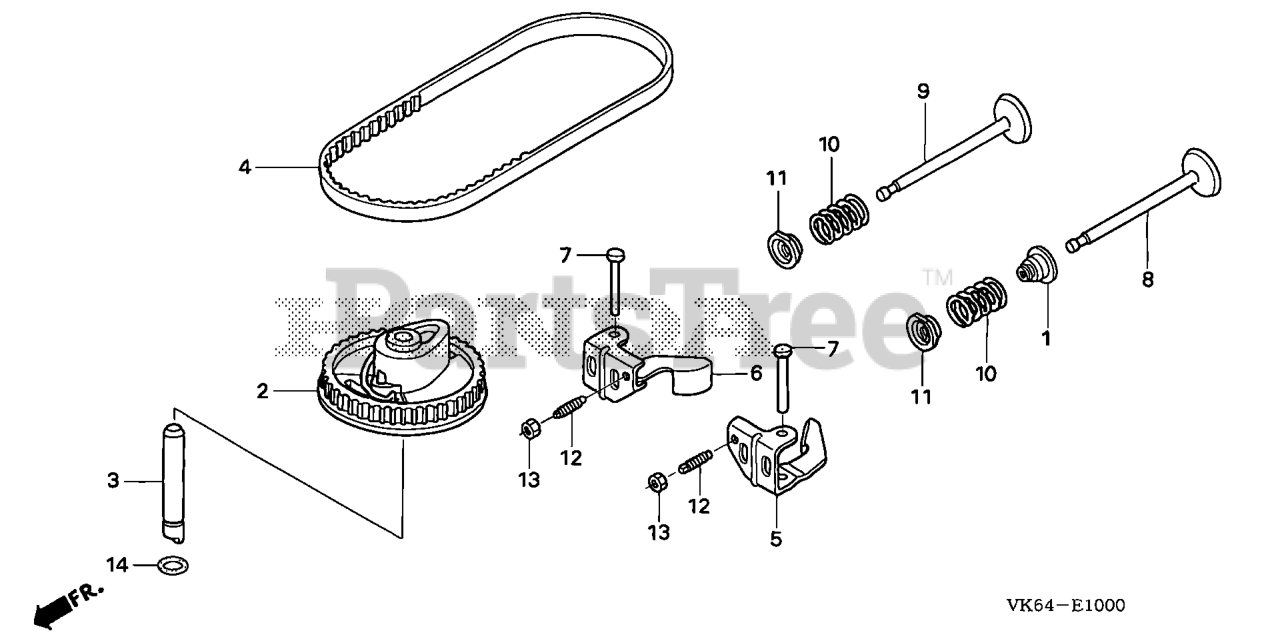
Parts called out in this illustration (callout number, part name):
1	SEAL, VALVE STEM
2	PULLEY, CAMSHAFT
3	SHAFT, CAM PULLEY
4	BELT, TIMING (84HU7 G-200)
4	BELT, TIMING (84HU6 G-200)
5	ARM, IN. VALVE ROCKER
6	ARM, EX. VALVE ROCKER
7	SHAFT, ROCKER ARM
8	VALVE, IN. (TECHNOSTAR)
9	VALVE, EX. (L8E)
9	VALVE, EX. (C8E)
10	SPRING, VALVE
11	RETAINER, VALVE SPRING
12	SCREW, TAPPET ADJ.
13	NUT, TAPPET ADJ.
14	O-RING (6.8X1.9) (ARAI)
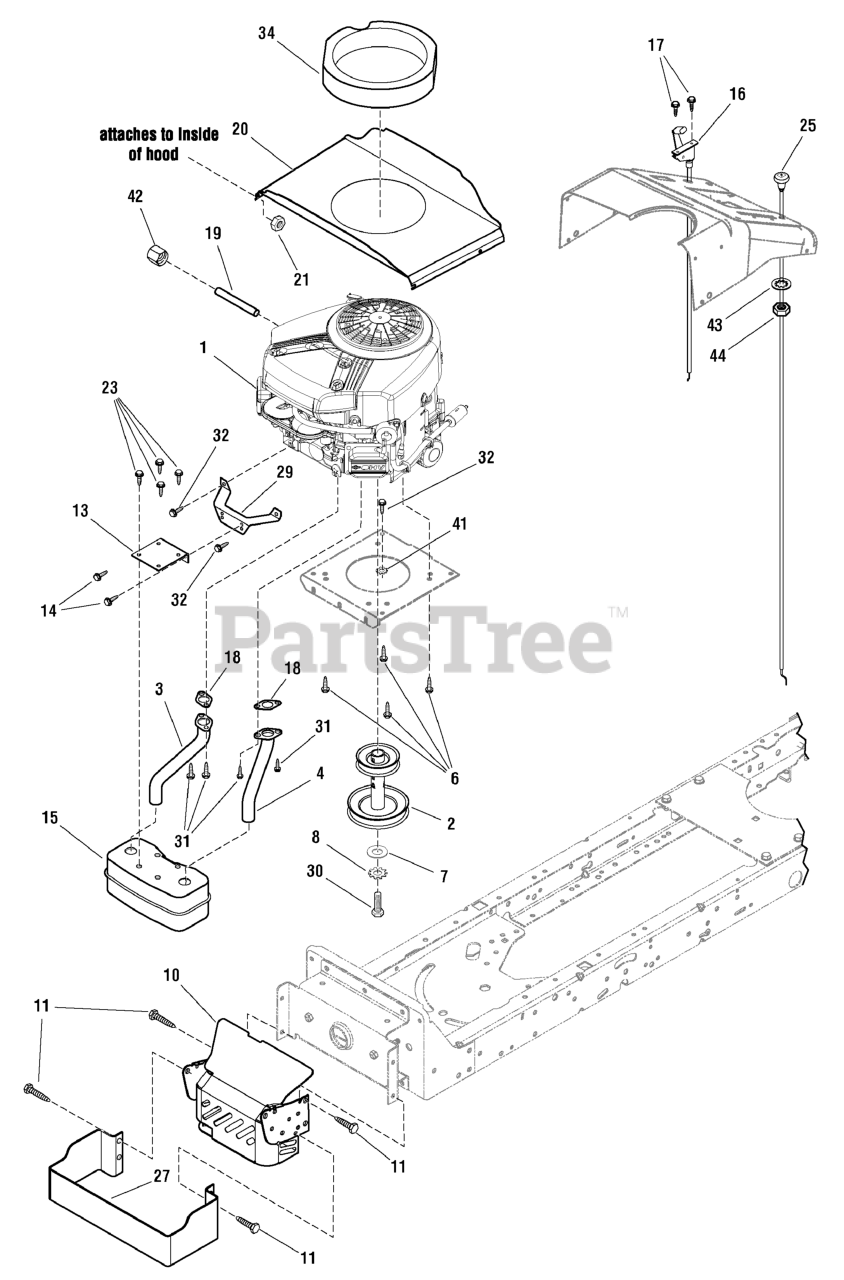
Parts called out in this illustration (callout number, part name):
1	ENGINE, 22.0HP Briggs & Stratton*
2	PULLEY, Stack
3	EXHAUST TUBE, Right
4	EXHAUST TUBE, Left
6	SCREW, Self Tap, 3/8-16 x 1-1/4
7	WASHER, Flat, 1/2
8	WASHER, Star, 1/2
10	HEAT SHIELD
11	SCREW, Hex Head 5/16-18 x 5/8
13	BRACKET, Muffler
14	SCREW, Hex 1/4-20 x 5/8
15	MUFFLER, Twin
16	THROTTLE CONTROL
17	SCREW, Self Tap #8 x 3/8
18	GASKET, Exhaust
19	NIPPLE, Pipe, 3/8 x 3 in
20	PLENUM, Murray
21	NUT, Keps Lock 1/4-20
23	SCREW, 1/4-14 x 3/8
25	CABLE, Choke
27	GUARD, Heat Shield, Front
29	BRACKET, Muffler Mounting
30	BOLT, Hex, 7/16-20 x 1-1/2
31	SCREW, 5/16-18 x 3/4
32	CAPSCREW, 5/16-18 x 3/4
41	WASHER, Star, 3/8
42	CAP, Pipe 3/8
43	LOCKERWASHER, External Tooth, 3/8
44	NUT, Hex, 3/8-16
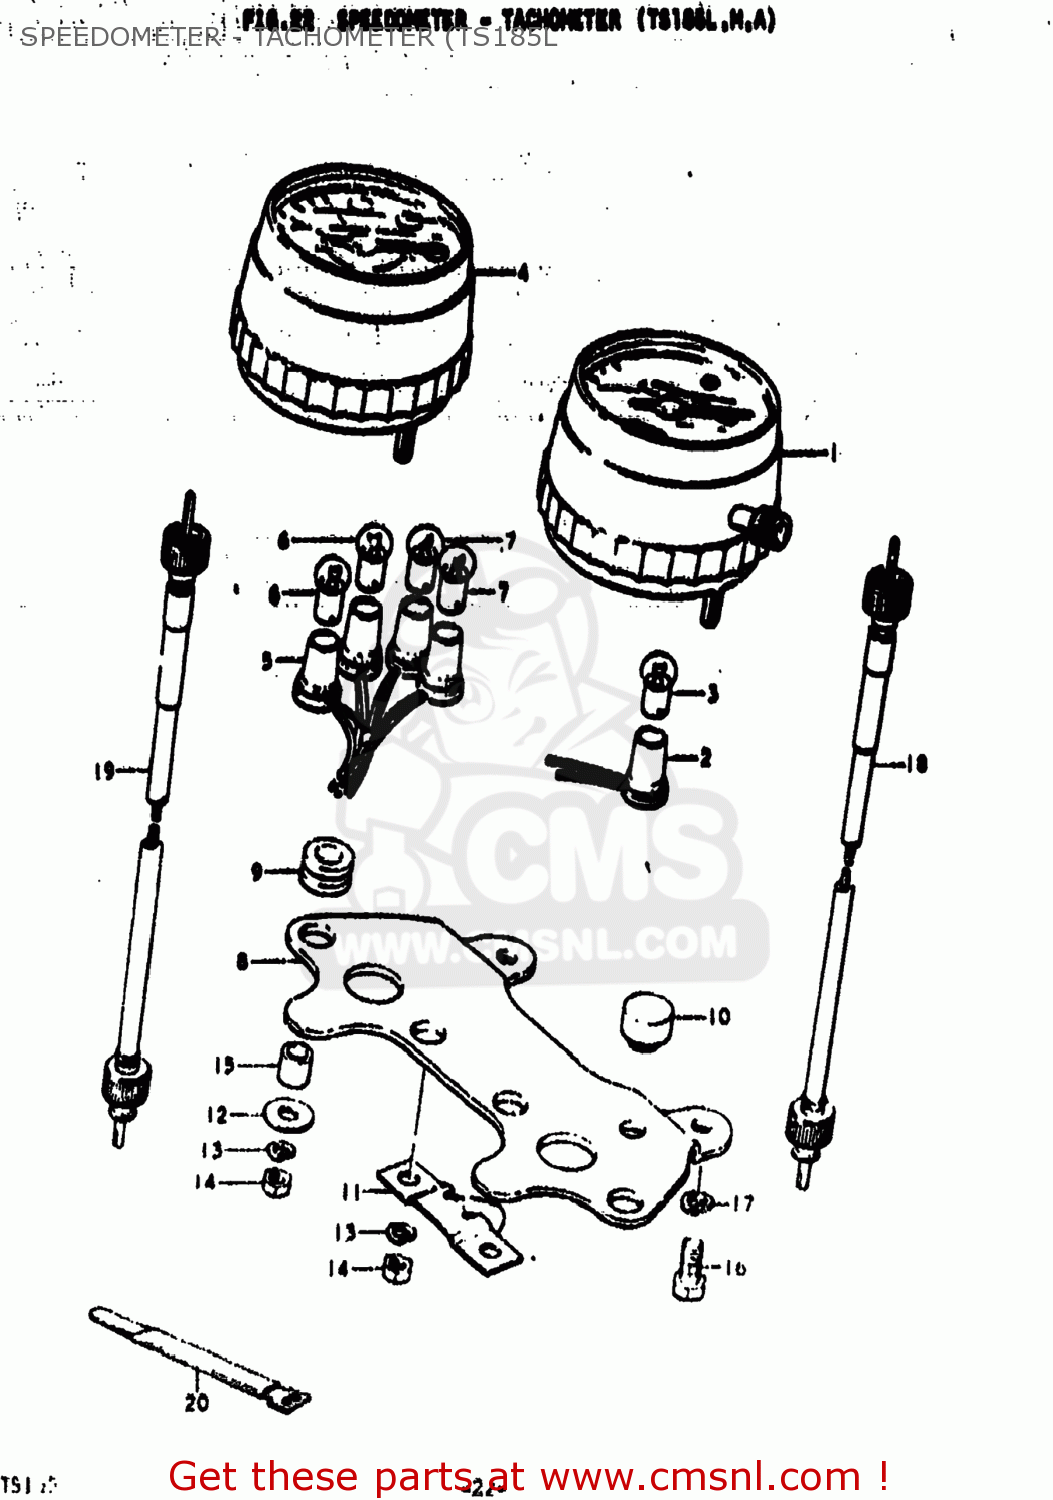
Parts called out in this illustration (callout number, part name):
0	SPEEDOMETER ASSEMBLY
1	SPEEDOMETER ASSEMBLY
2	SOCKET,METER
3	BULB(6V/3W)
4	METER,TACHOMETER
5	SOCKET,TACHOMETER
6	BULB(6V/3W)
7	BULB(6V1.7W,STANLEY,A61A)
8	BRACKET,METER
9	CUSHION
10	CUSHION,METER
11	COVER,METER,UNDER
12	WASHER (5.5X16X1.2)
13	LOCK WASHER
14	NUT
15	SPACER,METER NO.2
16	BOLT
17	LOCK WASHER
18	CABLE ASSEMBLY,SPEEDOMETER
19	CABLE ASSY,TACHOMETER
20	CLAMP
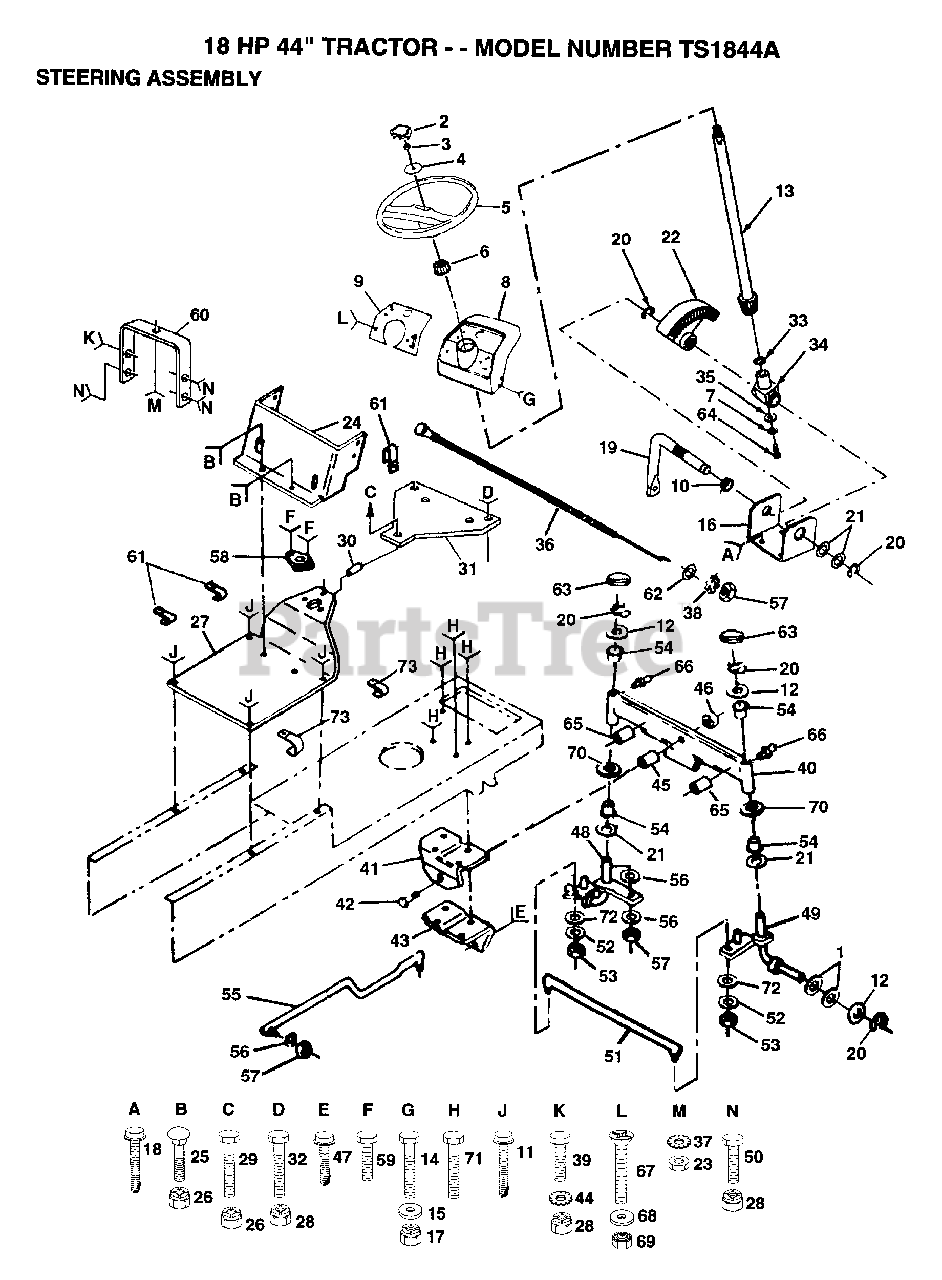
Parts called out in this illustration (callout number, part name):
1	WASHER
2	"INSERT,STR WHEEL"
4	WASHER
6	ADAPTER LT
7	LOCKWASHER
9	PLATE.DASH.SLKSCR
10	NYLINER T
11	SCREW LT
12	WASHER
14	BOLT
15	WASHER
16	"BRKT,STEERING"
18	SCREW
20	RING
21	WASHER .T
22	GEAR SECTOR
24	LOWER DASH
25	SCREW
27	SADDLE.YT.GOOSE N
29	BOLT
30	SPACER
33	THRUST WASHER
34	SUPPORT.SHAFT
36	CHOKE CONTROL
38	LOCKWASHER
39	BOLT
40	FRONT AXLE
41	SUPPORT-SADDL T
42	BOLT LT
43	SUPPORT.SADDLE.FT
44	LOCKWASHER
45	BEARING
46	"NUT-LOC,FLANGE LT"
47	SCREW LT
48	SPINDLE LH
49	SPINDLE RH
51	TIE ROD
52	LOCKWASHER
53	NUT.LOCK.5/16-24
54	COL. SRTG. BEAR.
56	LOCKWASHER
60	SUPPORT ASS'Y
61	CLIP T
62	WASHER
63	CAP
64	"SCREW,SPECIAL"
65	AXLE PIN
66	ZERK M
67	SCREW
68	WASHER
70	WASHER
71	SCREW SPECIAL
72	WASHER M
73	"CLIP,INSULATOR"
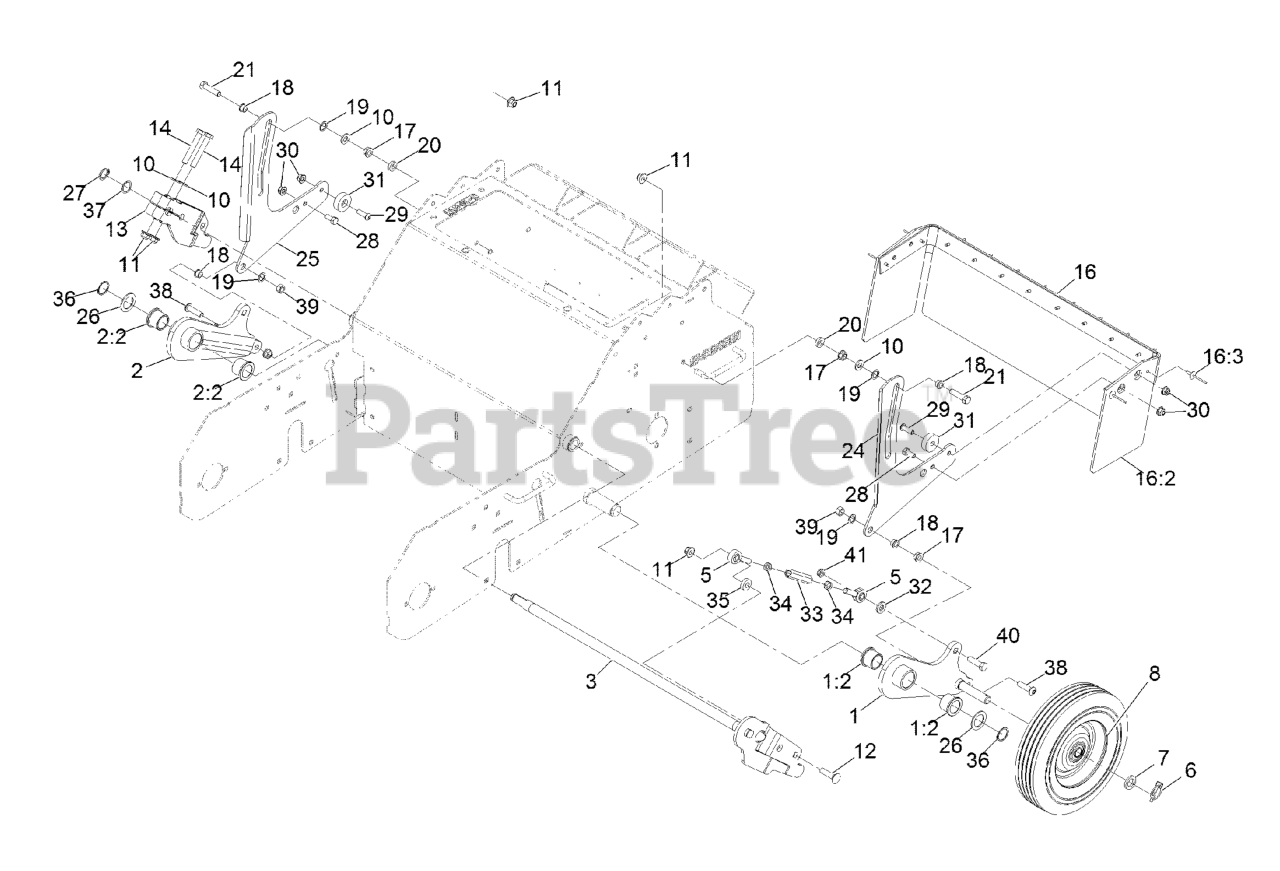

Problem requirements: Run a filter over the data above and keep each line that contains the word "PULLEY".

Written solution:
2	PULLEY, CAMSHAFT
3	SHAFT, CAM PULLEY
2	PULLEY, Stack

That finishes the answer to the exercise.